**Exercise brief**
Go to the line below containing "#770 = CARTESIAN_POINT" and print exactly from there through the line containing "#1741 = CARTESIAN_POINT", both included. Print nothing else.

**Data shown**
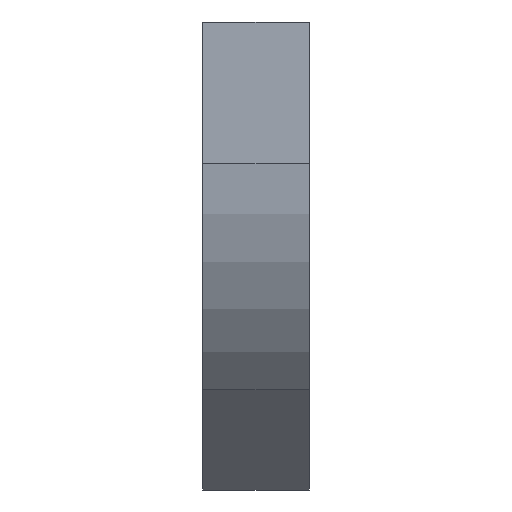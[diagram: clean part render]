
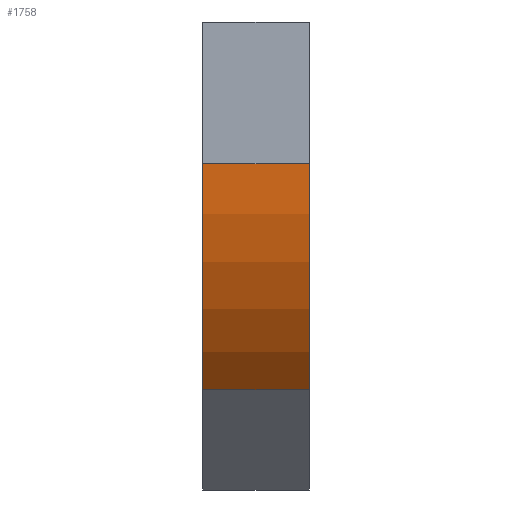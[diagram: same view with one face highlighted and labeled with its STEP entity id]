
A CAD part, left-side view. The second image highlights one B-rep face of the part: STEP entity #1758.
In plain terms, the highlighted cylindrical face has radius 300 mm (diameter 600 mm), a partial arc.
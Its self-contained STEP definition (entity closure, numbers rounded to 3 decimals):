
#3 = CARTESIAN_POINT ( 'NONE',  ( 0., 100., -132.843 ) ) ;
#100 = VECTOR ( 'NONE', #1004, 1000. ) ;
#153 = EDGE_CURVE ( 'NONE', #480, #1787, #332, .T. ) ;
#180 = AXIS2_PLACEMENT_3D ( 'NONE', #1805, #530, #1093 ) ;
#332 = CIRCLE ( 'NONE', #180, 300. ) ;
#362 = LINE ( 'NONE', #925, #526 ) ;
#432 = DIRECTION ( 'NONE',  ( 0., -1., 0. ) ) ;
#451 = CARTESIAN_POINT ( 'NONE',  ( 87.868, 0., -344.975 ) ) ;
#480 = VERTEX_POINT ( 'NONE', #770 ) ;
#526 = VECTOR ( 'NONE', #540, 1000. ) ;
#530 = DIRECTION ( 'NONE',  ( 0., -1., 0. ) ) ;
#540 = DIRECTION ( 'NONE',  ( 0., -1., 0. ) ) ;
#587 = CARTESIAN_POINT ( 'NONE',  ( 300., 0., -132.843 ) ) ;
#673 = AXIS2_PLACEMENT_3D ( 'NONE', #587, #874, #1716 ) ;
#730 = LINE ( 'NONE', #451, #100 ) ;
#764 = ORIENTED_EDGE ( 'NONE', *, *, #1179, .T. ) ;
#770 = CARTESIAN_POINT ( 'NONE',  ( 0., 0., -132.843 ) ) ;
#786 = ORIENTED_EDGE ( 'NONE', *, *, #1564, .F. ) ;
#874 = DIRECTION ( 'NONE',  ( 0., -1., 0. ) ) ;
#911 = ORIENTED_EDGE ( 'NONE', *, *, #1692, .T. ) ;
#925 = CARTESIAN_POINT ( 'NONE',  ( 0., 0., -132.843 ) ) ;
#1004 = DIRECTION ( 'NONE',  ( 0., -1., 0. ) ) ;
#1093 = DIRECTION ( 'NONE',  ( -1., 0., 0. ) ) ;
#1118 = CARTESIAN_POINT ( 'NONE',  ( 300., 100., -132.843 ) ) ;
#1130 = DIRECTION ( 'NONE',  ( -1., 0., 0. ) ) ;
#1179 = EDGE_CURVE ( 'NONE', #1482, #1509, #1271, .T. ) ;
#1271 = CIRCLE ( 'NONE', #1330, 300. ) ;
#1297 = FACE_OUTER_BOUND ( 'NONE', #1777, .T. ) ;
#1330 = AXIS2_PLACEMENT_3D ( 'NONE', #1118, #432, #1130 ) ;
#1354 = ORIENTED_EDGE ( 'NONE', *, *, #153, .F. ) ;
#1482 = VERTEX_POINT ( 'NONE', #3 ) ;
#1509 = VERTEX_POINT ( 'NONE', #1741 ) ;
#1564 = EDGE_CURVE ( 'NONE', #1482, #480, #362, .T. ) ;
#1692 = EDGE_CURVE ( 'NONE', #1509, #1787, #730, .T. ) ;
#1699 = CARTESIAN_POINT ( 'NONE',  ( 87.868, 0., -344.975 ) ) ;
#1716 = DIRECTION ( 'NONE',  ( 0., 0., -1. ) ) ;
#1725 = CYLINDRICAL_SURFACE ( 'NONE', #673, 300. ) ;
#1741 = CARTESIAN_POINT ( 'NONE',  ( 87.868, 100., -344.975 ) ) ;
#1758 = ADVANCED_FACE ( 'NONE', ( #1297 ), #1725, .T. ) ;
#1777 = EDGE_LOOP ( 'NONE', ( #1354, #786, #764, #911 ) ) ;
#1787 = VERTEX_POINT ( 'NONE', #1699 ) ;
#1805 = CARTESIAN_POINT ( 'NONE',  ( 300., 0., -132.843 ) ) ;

**Output for this task**
#770 = CARTESIAN_POINT ( 'NONE',  ( 0., 0., -132.843 ) ) ;
#786 = ORIENTED_EDGE ( 'NONE', *, *, #1564, .F. ) ;
#874 = DIRECTION ( 'NONE',  ( 0., -1., 0. ) ) ;
#911 = ORIENTED_EDGE ( 'NONE', *, *, #1692, .T. ) ;
#925 = CARTESIAN_POINT ( 'NONE',  ( 0., 0., -132.843 ) ) ;
#1004 = DIRECTION ( 'NONE',  ( 0., -1., 0. ) ) ;
#1093 = DIRECTION ( 'NONE',  ( -1., 0., 0. ) ) ;
#1118 = CARTESIAN_POINT ( 'NONE',  ( 300., 100., -132.843 ) ) ;
#1130 = DIRECTION ( 'NONE',  ( -1., 0., 0. ) ) ;
#1179 = EDGE_CURVE ( 'NONE', #1482, #1509, #1271, .T. ) ;
#1271 = CIRCLE ( 'NONE', #1330, 300. ) ;
#1297 = FACE_OUTER_BOUND ( 'NONE', #1777, .T. ) ;
#1330 = AXIS2_PLACEMENT_3D ( 'NONE', #1118, #432, #1130 ) ;
#1354 = ORIENTED_EDGE ( 'NONE', *, *, #153, .F. ) ;
#1482 = VERTEX_POINT ( 'NONE', #3 ) ;
#1509 = VERTEX_POINT ( 'NONE', #1741 ) ;
#1564 = EDGE_CURVE ( 'NONE', #1482, #480, #362, .T. ) ;
#1692 = EDGE_CURVE ( 'NONE', #1509, #1787, #730, .T. ) ;
#1699 = CARTESIAN_POINT ( 'NONE',  ( 87.868, 0., -344.975 ) ) ;
#1716 = DIRECTION ( 'NONE',  ( 0., 0., -1. ) ) ;
#1725 = CYLINDRICAL_SURFACE ( 'NONE', #673, 300. ) ;
#1741 = CARTESIAN_POINT ( 'NONE',  ( 87.868, 100., -344.975 ) ) ;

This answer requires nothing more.